- Material supplied -
____________________
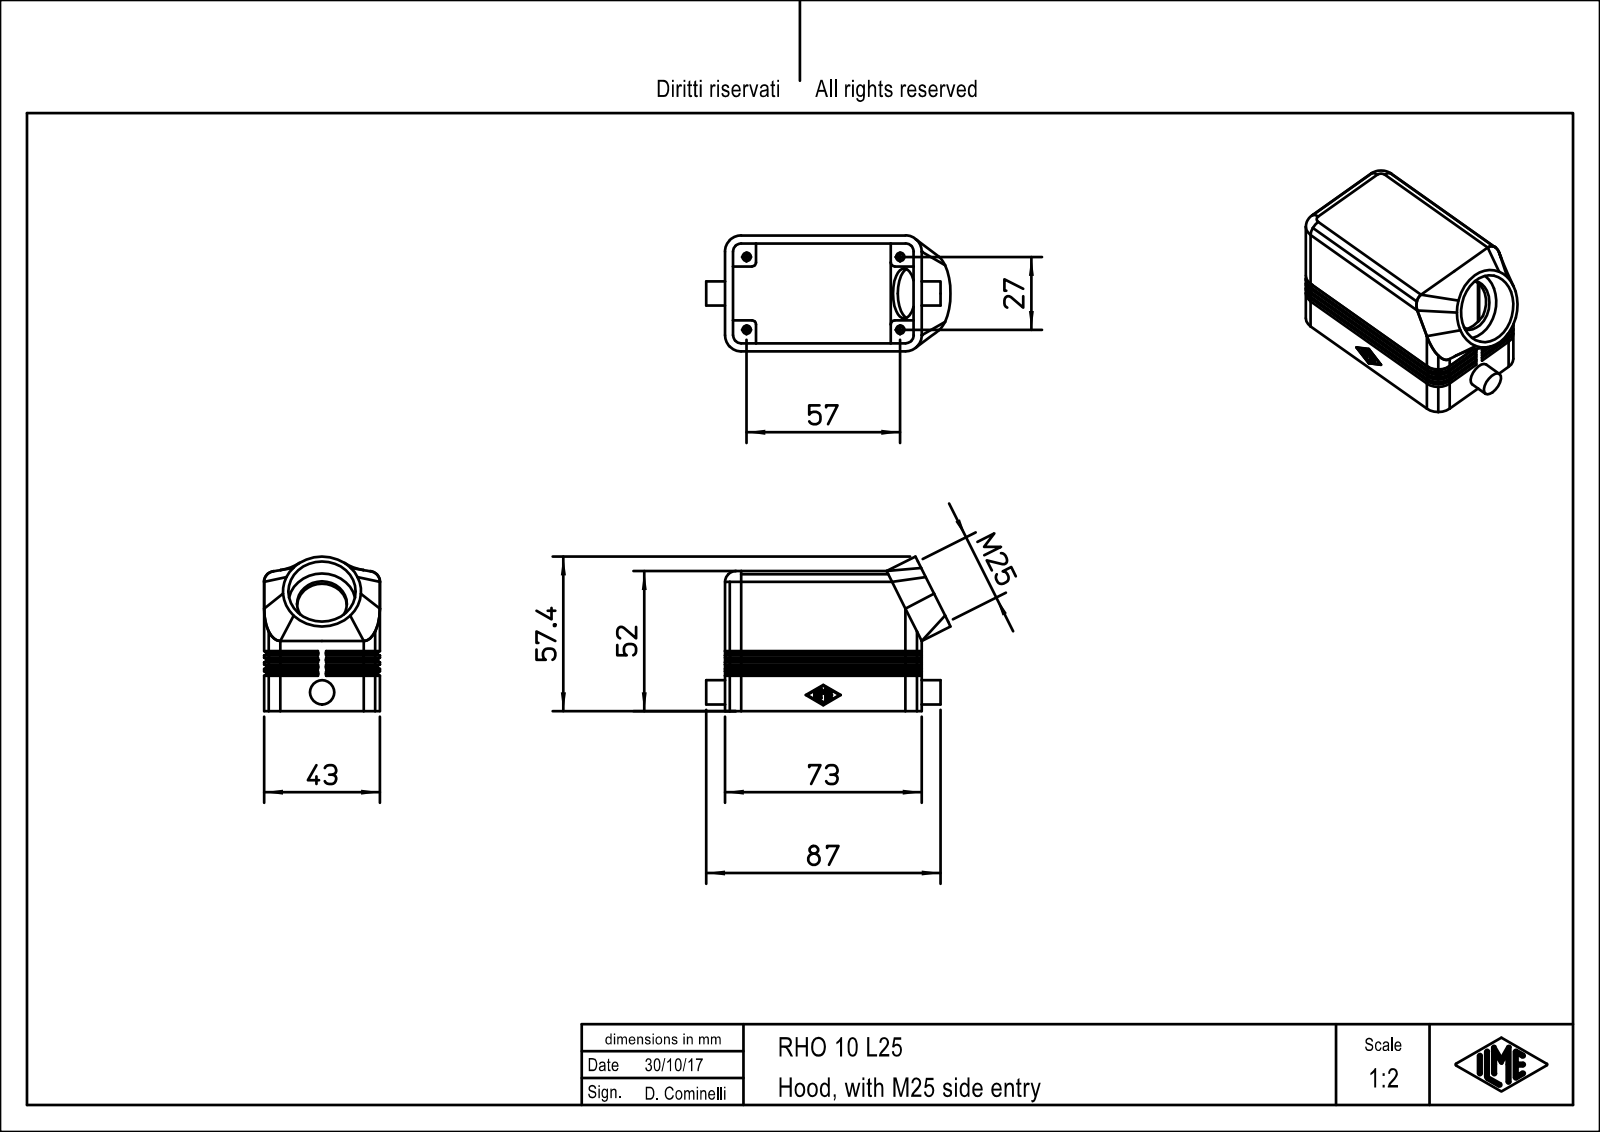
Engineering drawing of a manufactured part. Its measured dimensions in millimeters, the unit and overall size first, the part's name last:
Units: millimetres
Overall size (bounding box): 90.72 × 57.38 × 43
Round holes (diameter × count): ⌀2.46 ×4, ⌀3.1 ×4, ⌀18.5 ×1, ⌀25 ×1
Round bosses / shafts (diameter × count): ⌀9 ×1
Partial cylindrical surfaces — rounded edges, fillets, slot ends (radius × count): R0.4 ×32, R0.25 ×14, R1.5 ×4, R3 ×4, R5 ×4, R6 ×4, R4 ×3
Main face-to-face distances: 3, 40, 43, 37, 8.5, 11.5, 70, 58.5, 61.5, 31.5
Hole centre spacings: 27, 57, 63.07
Volume: 51 083 mm³ · Surface area: 29 527 mm²
Bodies: 1 solid, 460 faces (166 planar, 212 cylindrical, 82 other)
Part name (STEP PRODUCT): RHO_10_L25
STEP written by: PTC Creo Elements/Direct Modeling 19.0E 27-Jun-2016 (C) Parametric Technology GmbH (AUTOMOTIVE_DESIGN)
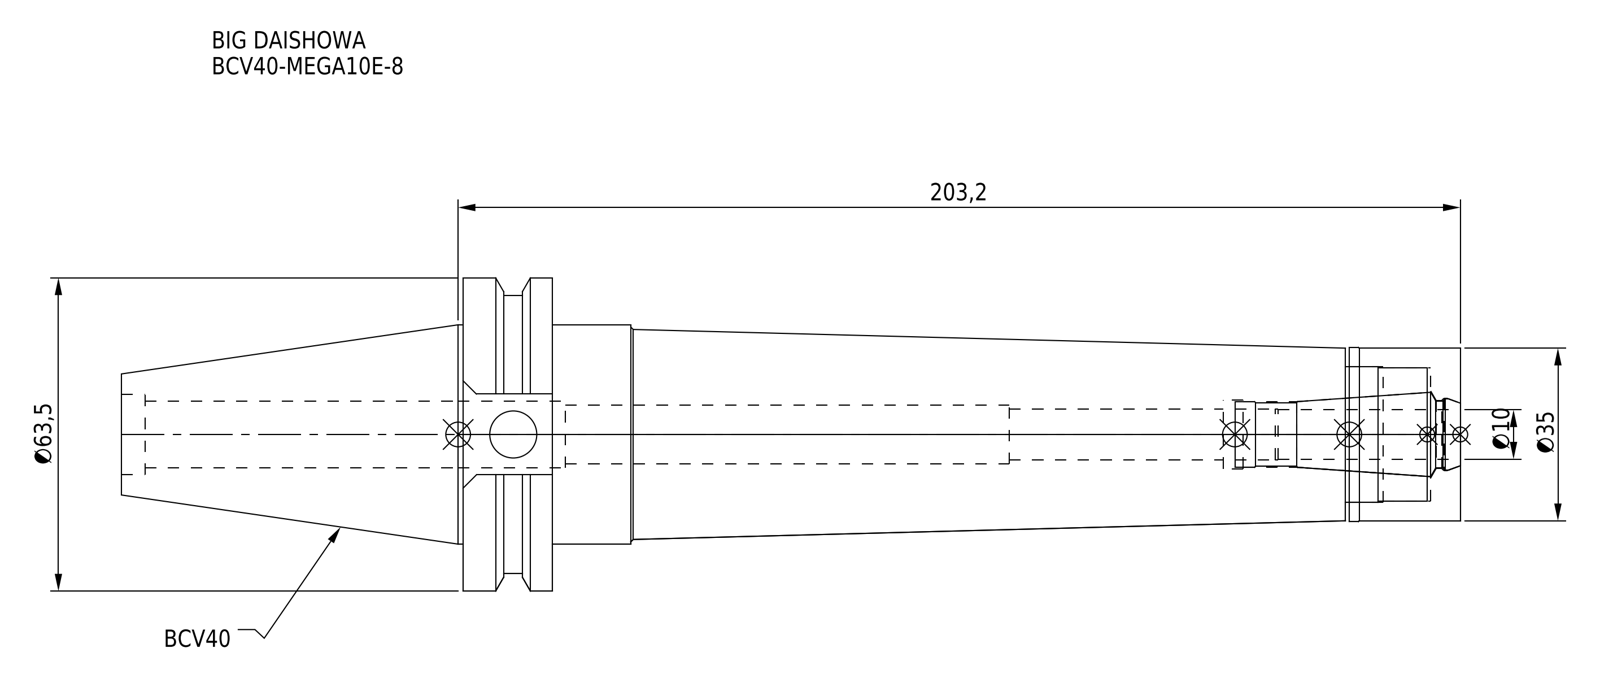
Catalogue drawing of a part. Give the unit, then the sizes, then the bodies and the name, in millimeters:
Units: millimetres
Overall size (bounding box): 271.45 × 63.5 × 61.35
Round holes (diameter × count): ⌀9.53 ×1, ⌀10.4 ×1, ⌀12 ×1, ⌀13.3 ×1, ⌀13.6 ×1, ⌀13.8 ×1, ⌀13.9 ×1, ⌀14.7 ×1, ⌀16.32 ×1, ⌀27 ×1, ⌀27.5 ×1
Round bosses / shafts (diameter × count): ⌀63.5 ×1, ⌀56.36 ×1, ⌀44.45 ×1, ⌀35.3 ×1, ⌀35 ×1
Main face-to-face distances: 18.05, 184.15, 202.2, 6, 22.5, 161.65, 179.7, 23.3, 0.8, 160.85
Volume: 300 014 mm³ · Surface area: 53 946 mm²
Bodies: 2 solids, 93 faces (31 planar, 42 cylindrical, 20 other)
Part name (STEP PRODUCT): BCV40-MEGA10E-8_1.stp; BCV40ME10080-010_ASM.stp; DXF_TEMP_ASSY_ASM_4_ASM.stp; BCV40-MEGA10E-8-100-FreeParts (+3 more)
STEP written by: SolidWorks 2019 (CONFIG_CONTROL_DESIGN)
____________________
- Task item -
Every word of the material, and none of its pictures, should be set down again.

- Output -
Engineering drawing of a manufactured part. Its measured dimensions in millimeters, the unit and overall size first, the part's name last:
Units: millimetres
Overall size (bounding box): 90.72 × 57.38 × 43
Round holes (diameter × count): ⌀2.46 ×4, ⌀3.1 ×4, ⌀18.5 ×1, ⌀25 ×1
Round bosses / shafts (diameter × count): ⌀9 ×1
Partial cylindrical surfaces — rounded edges, fillets, slot ends (radius × count): R0.4 ×32, R0.25 ×14, R1.5 ×4, R3 ×4, R5 ×4, R6 ×4, R4 ×3
Main face-to-face distances: 3, 40, 43, 37, 8.5, 11.5, 70, 58.5, 61.5, 31.5
Hole centre spacings: 27, 57, 63.07
Volume: 51 083 mm³ · Surface area: 29 527 mm²
Bodies: 1 solid, 460 faces (166 planar, 212 cylindrical, 82 other)
Part name (STEP PRODUCT): RHO_10_L25
STEP written by: PTC Creo Elements/Direct Modeling 19.0E 27-Jun-2016 (C) Parametric Technology GmbH (AUTOMOTIVE_DESIGN)
Catalogue drawing of a part. Give the unit, then the sizes, then the bodies and the name, in millimeters:
Units: millimetres
Overall size (bounding box): 271.45 × 63.5 × 61.35
Round holes (diameter × count): ⌀9.53 ×1, ⌀10.4 ×1, ⌀12 ×1, ⌀13.3 ×1, ⌀13.6 ×1, ⌀13.8 ×1, ⌀13.9 ×1, ⌀14.7 ×1, ⌀16.32 ×1, ⌀27 ×1, ⌀27.5 ×1
Round bosses / shafts (diameter × count): ⌀63.5 ×1, ⌀56.36 ×1, ⌀44.45 ×1, ⌀35.3 ×1, ⌀35 ×1
Main face-to-face distances: 18.05, 184.15, 202.2, 6, 22.5, 161.65, 179.7, 23.3, 0.8, 160.85
Volume: 300 014 mm³ · Surface area: 53 946 mm²
Bodies: 2 solids, 93 faces (31 planar, 42 cylindrical, 20 other)
Part name (STEP PRODUCT): BCV40-MEGA10E-8_1.stp; BCV40ME10080-010_ASM.stp; DXF_TEMP_ASSY_ASM_4_ASM.stp; BCV40-MEGA10E-8-100-FreeParts (+3 more)
STEP written by: SolidWorks 2019 (CONFIG_CONTROL_DESIGN)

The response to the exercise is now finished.